Cromarty è un piccolo paese di pescatori come tanti altri in Scozia, affacciato all'imboccatura di un firth e circondato dalla selvaggia brughiera delle Highlands. Il villaggio prende vita vicino all'acqua: alcuni ragazzi salgono su una vecchia barca a remi per una mattinata di canottaggio, altri si dirigono verso le barche a vela ormeggiate a pochi metri dalla riva. Un gommone pieno di turisti si dirige verso il mare aperto, con la speranza di scorgere i delfini che vivono nell’area. Un luogo da villeggiatura, se non fosse per le gigantesche piattaforme petrolifere che dominano il fiordo.
La storia di Cromarty è una di quelle che meglio esemplificano la travagliata parabola dell'industria petrolifera scozzese. Il cantiere petrolifero di Nigg, dal lato opposto del fiordo, fu dal 1972 e per i successivi vent'anni uno dei centri nevralgici per la costruzione e la manutenzione delle piattaforme petrolifere del Mare del Nord; le acque del Cromarty Firth pullulavano di questi giganti di acciaio e cemento. In quegli anni il villaggio si riempì di case, negozi ed infrastrutture, e sembrava che il petrolio del Mare del Nord non dovesse finire mai. Così non fu: a cavallo del nuovo millennio il settore petrolifero scozzese entrò in crisi profonda – e non ne uscì più.
Inaspettatamente, però, le piattaforme non scomparvero dal fiordo con il declino del settore petrolifero e la chiusura del cantiere di Nigg. Alla fine degli anni Novanta, infatti, l’autorità portuale di Cromarty iniziò ad utilizzare il firth come un gigantesco magazzino nel quale stoccare temporaneamente le piattaforme in disuso, in attesa che venissero vendute o smantellate altrove.
“Da quel momento non se ne sono più andate” afferma Greg Fullarton, biologo membro di Cromarty Rising, un'associazione che conduce un'aspra battaglia ambientale per liberare il fiordo dalle piattaforme. “Molte sono qui da anni, perché i proprietari non sanno cosa farsene” continua Greg, mentre ci guida sulla sua barchetta proprio sotto questi mostri d'acciaio. “Questi pilastri, ad esempio, sono dieci anni che sono qui, tanto che ora ospitano una colonia di uccelli. Quelle lì invece” conclude, indicando due strutture in lontananza “ce le abbiamo da due anni. Sono state sequestrate e portate qui. Chissà se ne andranno mai”.
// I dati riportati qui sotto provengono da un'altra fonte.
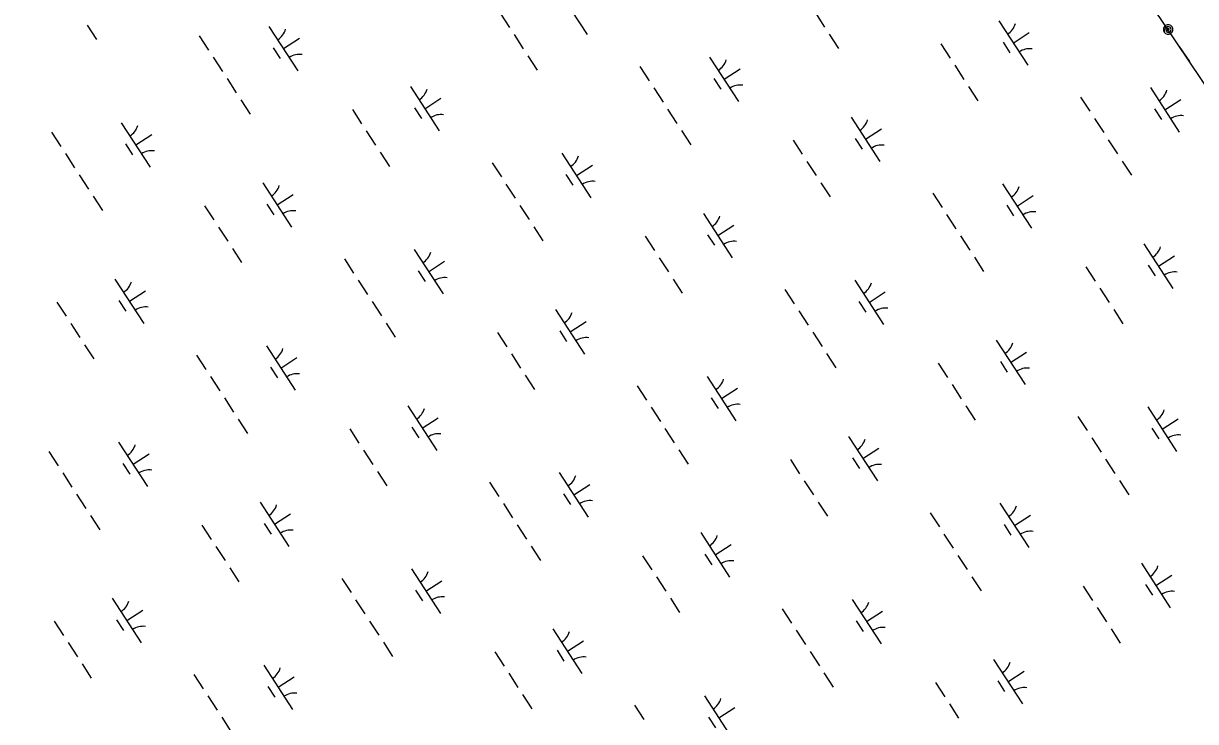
# Model space of a CAD drawing. Extents: x 3953924 to 3974542, y 193747 to 216192.
# Drawn here: x 3964429 to 3965535, y 205072 to 205730 of the extents above; entities that cross this region are included whole.
import ezdxf

# ---------------------------------------------------------------- set-up
doc = ezdxf.new("R2010")
doc.units = 0
doc.layers.add('V-UTIL-LINE', color=7, linetype='Continuous')
doc.layers.add('V-WETL-SWMP', color=7, linetype='Continuous')

msp = doc.modelspace()

# ---------------------------------------------------------------- linework, layer by layer
at = {"layer": 'V-UTIL-LINE'}
for points in [[(3969933.5, 199153.6), (3965324.7, 205998.6), (3961472.6, 211752)], [(3965509.2, 205724.6), (3965508.7, 205723.2), (3965509.8, 205723.5), (3965510.3, 205724.8), (3965509.4, 205725.9), (3965507.9, 205725), (3965507.4, 205722.7), (3965509.2, 205721.6), (3965511.5, 205722.4), (3965512.1, 205724.6), (3965511.3, 205726.7), (3965509, 205727.4), (3965506.6, 205726), (3965505.5, 205722), (3965506.7, 205720.8), (3965508.4, 205720.1), (3965510.1, 205720.1), (3965511.8, 205720.8), (3965513, 205722.1), (3965513.7, 205723.7), (3965513.6, 205725.4), (3965513, 205727.1), (3965511.7, 205728.3), (3965510.1, 205729), (3965508.3, 205729), (3965506.7, 205728.3), (3965505.5, 205727), (3965504.8, 205725.4), (3965504.8, 205723.7), (3965505.5, 205722)], [(3965529.6, 205694.4), (3965520.1, 205708.5)]]:
    msp.add_lwpolyline(points, dxfattribs=at)
at = {"layer": 'V-WETL-SWMP'}
for p, q in [((3964933.9, 205761.6), (3964961.1, 205719.7)), ((3964879.1, 205739.9), (3964887.8, 205726.5)), ((3965176.5, 205740.2), (3965185.2, 205726.8)), ((3964489.6, 205728.5), (3964498.3, 205715.1)), ((3964661, 205727.4), (3964688.3, 205685.5)), ((3965349.6, 205732.7), (3965376.9, 205690.8)), ((3964595.2, 205718.5), (3964603.9, 205705.1)), ((3964674.7, 205706.5), (3964689.8, 205716.3)), ((3964892.2, 205719.8), (3964900.9, 205706.4)), ((3965189.6, 205720.1), (3965198.3, 205706.7)), ((3965353.5, 205712.6), (3965360, 205702.5)), ((3965363.2, 205711.8), (3965378.3, 205721.6)), ((3964664.9, 205707.3), (3964671.5, 205697.2)), ((3965294.8, 205711.1), (3965303.5, 205697.6)), ((3964608.3, 205698.4), (3964617, 205685)), ((3964905.3, 205699.7), (3964914, 205686.2)), ((3965010.9, 205689.7), (3965019.7, 205676.3)), ((3965076.7, 205698.6), (3965104, 205656.7)), ((3965307.9, 205690.9), (3965316.6, 205677.5)), ((3964621.4, 205678.3), (3964630.1, 205664.9)), ((3965080.6, 205678.5), (3965087.2, 205668.4)), ((3965090.4, 205677.6), (3965105.5, 205687.5)), ((3964794.5, 205670.8), (3964821.7, 205628.9)), ((3965024, 205669.6), (3965032.8, 205656.1)), ((3965321, 205670.8), (3965329.7, 205657.4)), ((3965492.5, 205669.8), (3965519.7, 205627.9)), ((3964634.5, 205658.2), (3964643.2, 205644.7)), ((3964808.1, 205649.9), (3964823.2, 205659.7)), ((3965426.6, 205660.8), (3965435.4, 205647.4)), ((3965506.1, 205648.8), (3965521.2, 205658.6)), ((3964739.7, 205649.1), (3964748.4, 205635.7)), ((3964798.4, 205650.7), (3964804.9, 205640.6)), ((3965037.1, 205649.4), (3965045.8, 205636)), ((3965496.4, 205649.6), (3965502.9, 205639.6)), ((3964521.6, 205636.7), (3964548.9, 205594.8)), ((3965210.2, 205642), (3965237.4, 205600.1)), ((3965439.7, 205640.7), (3965448.5, 205627.3)), ((3964455.8, 205627.8), (3964464.5, 205614.3)), ((3964535.3, 205615.7), (3964550.4, 205625.6)), ((3964752.8, 205629), (3964761.5, 205615.6)), ((3965050.2, 205629.3), (3965058.9, 205615.9)), ((3965223.8, 205621), (3965238.9, 205630.9)), ((3964525.5, 205616.6), (3964532.1, 205606.5)), ((3965155.4, 205620.3), (3965164.1, 205606.9)), ((3965214.1, 205621.9), (3965220.6, 205611.8)), ((3965452.8, 205620.6), (3965461.6, 205607.2)), ((3964468.9, 205607.6), (3964477.6, 205594.2)), ((3964765.9, 205608.9), (3964774.6, 205595.5)), ((3964937.3, 205607.9), (3964964.6, 205566)), ((3964871.5, 205598.9), (3964880.3, 205585.5)), ((3964951, 205586.9), (3964966.1, 205596.7)), ((3965168.5, 205600.2), (3965177.2, 205586.8)), ((3965465.9, 205600.5), (3965474.7, 205587.1)), ((3964482, 205587.5), (3964490.7, 205574.1)), ((3964655.1, 205580.1), (3964682.3, 205538.2)), ((3964884.6, 205578.8), (3964893.3, 205565.4)), ((3964941.2, 205587.7), (3964947.8, 205577.7)), ((3965181.6, 205580.1), (3965190.3, 205566.7)), ((3965353.1, 205579), (3965380.3, 205537.1)), ((3964668.7, 205559.1), (3964683.8, 205568.9)), ((3965287.2, 205570.1), (3965296, 205556.7)), ((3965366.7, 205558.1), (3965381.8, 205567.9)), ((3964495.1, 205567.4), (3964503.8, 205554)), ((3964600.3, 205558.4), (3964609, 205545)), ((3964658.9, 205559.9), (3964665.5, 205549.9)), ((3964897.7, 205558.7), (3964906.4, 205545.3)), ((3965357, 205558.9), (3965363.5, 205548.8)), ((3965070.8, 205551.2), (3965098, 205509.3)), ((3965300.3, 205550), (3965309.1, 205536.6)), ((3964613.4, 205538.3), (3964622.1, 205524.9)), ((3964910.8, 205538.6), (3964919.5, 205525.2)), ((3965084.4, 205530.3), (3965099.5, 205540.1)), ((3965016, 205529.6), (3965024.7, 205516.2)), ((3965074.7, 205531.1), (3965081.2, 205521.1)), ((3965313.4, 205529.9), (3965322.2, 205516.5)), ((3964626.5, 205518.2), (3964635.2, 205504.8)), ((3964797.9, 205517.1), (3964825.2, 205475.2)), ((3965486.5, 205522.4), (3965513.8, 205480.5)), ((3964732.1, 205508.2), (3964740.8, 205494.8)), ((3964811.6, 205496.2), (3964826.7, 205506)), ((3965029.1, 205509.4), (3965037.8, 205496)), ((3965326.5, 205509.8), (3965335.2, 205496.3)), ((3965490.4, 205502.3), (3965496.9, 205492.2)), ((3965500.1, 205501.5), (3965515.2, 205511.3)), ((3964801.8, 205497), (3964808.4, 205486.9)), ((3965431.7, 205500.7), (3965440.5, 205487.3)), ((3964515.6, 205489.3), (3964542.9, 205447.4)), ((3964745.2, 205488.1), (3964753.9, 205474.7)), ((3965042.2, 205489.3), (3965050.9, 205475.9)), ((3965147.8, 205479.3), (3965156.6, 205465.9)), ((3965213.7, 205488.3), (3965240.9, 205446.4)), ((3965444.8, 205480.6), (3965453.5, 205467.2)), ((3964519.5, 205469.2), (3964526.1, 205459.1)), ((3964529.3, 205468.4), (3964544.4, 205478.2)), ((3965217.6, 205468.1), (3965224.1, 205458.1)), ((3965227.3, 205467.3), (3965242.4, 205477.1)), ((3964460.9, 205467.6), (3964469.6, 205454.2)), ((3964758.3, 205468), (3964767, 205454.5)), ((3964931.4, 205460.5), (3964958.6, 205418.6)), ((3965160.9, 205459.2), (3965169.7, 205445.8)), ((3965457.9, 205460.5), (3965466.6, 205447.1)), ((3964474, 205447.5), (3964482.7, 205434.1)), ((3964771.4, 205447.8), (3964780.1, 205434.4)), ((3964945, 205439.5), (3964960.1, 205449.4)), ((3964876.6, 205438.8), (3964885.3, 205425.4)), ((3964935.3, 205440.4), (3964941.8, 205430.3)), ((3965174, 205439.1), (3965182.8, 205425.7)), ((3964487.1, 205427.4), (3964495.8, 205414)), ((3964658.5, 205426.4), (3964685.8, 205384.5)), ((3965347.1, 205431.7), (3965374.4, 205389.8)), ((3964592.7, 205417.4), (3964601.4, 205404)), ((3964672.2, 205405.4), (3964687.3, 205415.2)), ((3964889.7, 205418.7), (3964898.4, 205405.3)), ((3965187.1, 205419), (3965195.8, 205405.6)), ((3965360.7, 205410.7), (3965375.8, 205420.5)), ((3964662.4, 205406.2), (3964669, 205396.2)), ((3965292.3, 205410), (3965301.1, 205396.6)), ((3965351, 205411.5), (3965357.5, 205401.5)), ((3964605.8, 205397.3), (3964614.5, 205383.9)), ((3964902.8, 205398.6), (3964911.5, 205385.2)), ((3965074.3, 205397.5), (3965101.5, 205355.6)), ((3965008.4, 205388.6), (3965017.2, 205375.2)), ((3965087.9, 205376.6), (3965103, 205386.4)), ((3965305.4, 205389.9), (3965314.1, 205376.5)), ((3964618.9, 205377.2), (3964627.6, 205363.8)), ((3964792, 205369.8), (3964819.2, 205327.8)), ((3965078.2, 205377.4), (3965084.7, 205367.3)), ((3965318.5, 205369.8), (3965327.2, 205356.3)), ((3965490, 205368.7), (3965517.2, 205326.8)), ((3964805.6, 205348.8), (3964820.7, 205358.6)), ((3965021.5, 205368.5), (3965030.3, 205355.1)), ((3965424.1, 205359.8), (3965432.9, 205346.4)), ((3965503.6, 205347.8), (3965518.7, 205357.6)), ((3964632, 205357.1), (3964640.7, 205343.7)), ((3964737.2, 205348.1), (3964745.9, 205334.7)), ((3964795.9, 205349.6), (3964802.4, 205339.6)), ((3965034.6, 205348.4), (3965043.3, 205335)), ((3965493.9, 205348.6), (3965500.4, 205338.5)), ((3964519.1, 205335.6), (3964546.4, 205293.7)), ((3965207.7, 205340.9), (3965235, 205299)), ((3965437.2, 205339.7), (3965446, 205326.2)), ((3964453.3, 205326.7), (3964462, 205313.3)), ((3964532.8, 205314.7), (3964547.9, 205324.5)), ((3964750.3, 205328), (3964759, 205314.5)), ((3965047.7, 205328.3), (3965056.4, 205314.9)), ((3965221.3, 205320), (3965236.4, 205329.8)), ((3964523, 205315.5), (3964529.6, 205305.4)), ((3965152.9, 205319.2), (3965161.6, 205305.8)), ((3965211.6, 205320.8), (3965218.1, 205310.7)), ((3965450.3, 205319.5), (3965459.1, 205306.1)), ((3964466.4, 205306.6), (3964475.1, 205293.2)), ((3964763.4, 205307.8), (3964772.1, 205294.4)), ((3964934.8, 205306.8), (3964962.1, 205264.9)), ((3964869, 205297.9), (3964877.8, 205284.4)), ((3964948.5, 205285.8), (3964963.6, 205295.7)), ((3965166, 205299.1), (3965174.7, 205285.7)), ((3965463.4, 205299.4), (3965472.2, 205286)), ((3964479.5, 205286.5), (3964488.2, 205273.1)), ((3964938.7, 205286.7), (3964945.3, 205276.6)), ((3964652.6, 205279), (3964679.8, 205237.1)), ((3964882.1, 205277.7), (3964890.8, 205264.3)), ((3965179.1, 205279), (3965187.8, 205265.6)), ((3965284.7, 205269), (3965293.5, 205255.6)), ((3965350.6, 205278), (3965377.8, 205236.1)), ((3964492.6, 205266.3), (3964501.3, 205252.9)), ((3964656.5, 205258.9), (3964663, 205248.8)), ((3964666.2, 205258.1), (3964681.3, 205267.9)), ((3965364.2, 205257), (3965379.3, 205266.8)), ((3964597.8, 205257.3), (3964606.5, 205243.9)), ((3964895.2, 205257.6), (3964903.9, 205244.2)), ((3965068.3, 205250.2), (3965095.5, 205208.3)), ((3965297.8, 205248.9), (3965306.6, 205235.5)), ((3965354.5, 205257.8), (3965361, 205247.8)), ((3964610.9, 205237.2), (3964619.6, 205223.8)), ((3964908.3, 205237.5), (3964917, 205224.1)), ((3965081.9, 205229.2), (3965097, 205239)), ((3965013.5, 205228.5), (3965022.2, 205215.1)), ((3965072.2, 205230), (3965078.7, 205220)), ((3965310.9, 205228.8), (3965319.7, 205215.4)), ((3964624, 205217.1), (3964632.7, 205203.7)), ((3964795.4, 205216), (3964822.7, 205174.1)), ((3965484, 205221.3), (3965511.3, 205179.4)), ((3964729.6, 205207.1), (3964738.4, 205193.7)), ((3964809.1, 205195.1), (3964824.2, 205204.9)), ((3965026.6, 205208.4), (3965035.3, 205195)), ((3965324, 205208.7), (3965332.8, 205195.3)), ((3965497.6, 205200.4), (3965512.7, 205210.2)), ((3964799.3, 205195.9), (3964805.9, 205185.9)), ((3965429.2, 205199.7), (3965438, 205186.3)), ((3965487.9, 205201.2), (3965494.4, 205191.2)), ((3964513.1, 205188.3), (3964540.4, 205146.4)), ((3964742.7, 205187), (3964751.4, 205173.6)), ((3965039.7, 205188.3), (3965048.4, 205174.9)), ((3965211.2, 205187.2), (3965238.4, 205145.3)), ((3964526.8, 205167.3), (3964541.9, 205177.1)), ((3965145.3, 205178.3), (3965154.1, 205164.9)), ((3965224.8, 205166.3), (3965239.9, 205176.1)), ((3965442.3, 205179.6), (3965451.1, 205166.1)), ((3964458.4, 205166.6), (3964467.1, 205153.2)), ((3964517, 205168.1), (3964523.6, 205158.1)), ((3964755.8, 205166.9), (3964764.5, 205153.5)), ((3964928.9, 205159.4), (3964956.1, 205117.5)), ((3965215.1, 205167.1), (3965221.6, 205157)), ((3965455.4, 205159.4), (3965464.1, 205146)), ((3964942.5, 205138.5), (3964957.6, 205148.3)), ((3965158.4, 205158.2), (3965167.2, 205144.8)), ((3964471.5, 205146.5), (3964480.2, 205133.1)), ((3964768.9, 205146.8), (3964777.6, 205133.4)), ((3964874.1, 205137.8), (3964882.8, 205124.3)), ((3964932.8, 205139.3), (3964939.3, 205129.2)), ((3965171.5, 205138.1), (3965180.3, 205124.6)), ((3964484.6, 205126.4), (3964493.3, 205112.9)), ((3964656, 205125.3), (3964683.3, 205083.4)), ((3965344.6, 205130.6), (3965371.9, 205088.7)), ((3964590.2, 205116.4), (3964598.9, 205103)), ((3964887.2, 205117.6), (3964895.9, 205104.2)), ((3965184.6, 205117.9), (3965193.3, 205104.5)), ((3965358.2, 205109.6), (3965373.3, 205119.5)), ((3964659.9, 205105.2), (3964666.5, 205095.1)), ((3964669.7, 205104.4), (3964684.8, 205114.2)), ((3965289.8, 205108.9), (3965298.6, 205095.5)), ((3965348.5, 205110.5), (3965355, 205100.4)), ((3964603.3, 205096.3), (3964612, 205082.8)), ((3964900.3, 205097.5), (3964909, 205084.1)), ((3965071.8, 205096.5), (3965099, 205054.6)), ((3965005.9, 205087.5), (3965014.7, 205074.1)), ((3965085.4, 205075.5), (3965100.5, 205085.3)), ((3965302.9, 205088.8), (3965311.6, 205075.4)), ((3964616.4, 205076.1), (3964625.1, 205062.7)), ((3965075.7, 205076.3), (3965082.2, 205066.3))]:
    msp.add_line(p, q, dxfattribs=at)
for centre, start, end in [((3964659.8, 205729.8), 302.2901, 343.8338), ((3965348.3, 205735.1), 302.2901, 343.8338), ((3964689.9, 205683.5), 82.2901, 123.8337), ((3965378.5, 205688.8), 82.2901, 123.8337), ((3965075.5, 205700.9), 302.2901, 343.8338), ((3964793.2, 205673.1), 302.2901, 343.8338), ((3965105.7, 205654.6), 82.2901, 123.8337), ((3965491.2, 205672.1), 302.2901, 343.8338), ((3964520.4, 205639), 302.2901, 343.8338), ((3964823.4, 205626.8), 82.2901, 123.8337), ((3965208.9, 205644.3), 302.2901, 343.8338), ((3965521.4, 205625.8), 82.2901, 123.8337), ((3965239.1, 205598), 82.2901, 123.8337), ((3964550.5, 205592.7), 82.2901, 123.8337), ((3964936.1, 205610.2), 302.2901, 343.8338), ((3964966.3, 205563.9), 82.2901, 123.8337), ((3964653.8, 205582.4), 302.2901, 343.8338), ((3965351.8, 205581.4), 302.2901, 343.8338), ((3964684, 205536.1), 82.2901, 123.8337), ((3965069.5, 205553.6), 302.2901, 343.8338), ((3965382, 205535.1), 82.2901, 123.8337), ((3965099.7, 205507.3), 82.2901, 123.8337), ((3964796.7, 205519.4), 302.2901, 343.8338), ((3965485.3, 205524.7), 302.2901, 343.8338), ((3964826.8, 205473.1), 82.2901, 123.8337), ((3965515.4, 205478.4), 82.2901, 123.8337), ((3964514.4, 205491.7), 302.2901, 343.8338), ((3965212.4, 205490.6), 302.2901, 343.8338), ((3964544.6, 205445.4), 82.2901, 123.8337), ((3964930.1, 205462.8), 302.2901, 343.8338), ((3965242.6, 205444.3), 82.2901, 123.8337), ((3964960.3, 205416.5), 82.2901, 123.8337), ((3965345.8, 205434), 302.2901, 343.8338), ((3964657.3, 205428.7), 302.2901, 343.8338), ((3965376, 205387.7), 82.2901, 123.8337), ((3964687.4, 205382.4), 82.2901, 123.8337), ((3965073, 205399.9), 302.2901, 343.8338), ((3965103.2, 205353.6), 82.2901, 123.8337), ((3964790.7, 205372.1), 302.2901, 343.8338), ((3965488.7, 205371), 302.2901, 343.8338), ((3964820.9, 205325.8), 82.2901, 123.8337), ((3965206.4, 205343.2), 302.2901, 343.8338), ((3965518.9, 205324.7), 82.2901, 123.8337), ((3964517.9, 205337.9), 302.2901, 343.8338), ((3965236.6, 205296.9), 82.2901, 123.8337), ((3964548, 205291.7), 82.2901, 123.8337), ((3964933.6, 205309.1), 302.2901, 343.8338), ((3964963.8, 205262.8), 82.2901, 123.8337), ((3964651.3, 205281.3), 302.2901, 343.8338), ((3965349.3, 205280.3), 302.2901, 343.8338), ((3964681.5, 205235), 82.2901, 123.8337), ((3965067, 205252.5), 302.2901, 343.8338), ((3965379.5, 205234), 82.2901, 123.8337), ((3965097.2, 205206.2), 82.2901, 123.8337), ((3965482.8, 205223.7), 302.2901, 343.8338), ((3964794.2, 205218.4), 302.2901, 343.8338), ((3965512.9, 205177.4), 82.2901, 123.8337), ((3964511.9, 205190.6), 302.2901, 343.8338), ((3964824.3, 205172.1), 82.2901, 123.8337), ((3965209.9, 205189.5), 302.2901, 343.8338), ((3964542.1, 205144.3), 82.2901, 123.8337), ((3965240.1, 205143.2), 82.2901, 123.8337), ((3964927.6, 205161.8), 302.2901, 343.8338), ((3964957.8, 205115.5), 82.2901, 123.8337), ((3965343.3, 205132.9), 302.2901, 343.8338), ((3964654.8, 205127.6), 302.2901, 343.8338), ((3965373.5, 205086.6), 82.2901, 123.8337), ((3964684.9, 205081.3), 82.2901, 123.8337), ((3965070.5, 205098.8), 302.2901, 343.8338)]:
    msp.add_arc(centre, 17.6, start, end, dxfattribs=at)

doc.saveas('drawing.dxf')

Le piattaforme a Cromarty sono, prima di tutto, un serio problema ambientale. Nel giugno 2019, per esempio, un impianto semi-sommergibile ancorato nel fiordo ha rilasciato nuvole di agenti chimici proprio nell'area dove un branco di duecento delfini vive, si nutre e si riproduce. La conservazione dei cetacei è perennemente a rischio, e lo sarebbe stato ancora di più se l'associazione non fosse riuscita a bloccare – seppur temporaneamente – i trasferimenti di petrolio ship-to-ship.“Un tubo sospeso tra due navi all'ingresso del fiordo avrebbe trasferito ogni anno otto milioni e mezzo di tonnellate di petrolio, anche durante le tempeste invernali” afferma Duncan Bowers, uno dei fondatori di Cromarty Rising.“Il più piccolo sversamento avrebbe distrutto un intero ecosistema.”
Ma le piattaforme sono un problema anche per l'industria del turismo, la cui crescita è frenata dall'impatto paesaggistico degli impianti. Secondo Jacquie Ross, anche lei di Cromarty Rising, con le piattaforme – la cui permanenza nel fiordo frutta all'Autorità Portuale circa due milioni di sterline l'anno – il villaggio farò fatica a rilanciarsi. “Sono grata all’industria petrolifera, perché eravamo poveri, eravamo un villaggio isolato di pescatori ed agricoltori e ora non lo siamo più. Ma i tempi sono cambiati, e così Cromarty” conclude.
“Non abbiamo più bisogno del petrolio: è ora che lo capiscano anche loro.”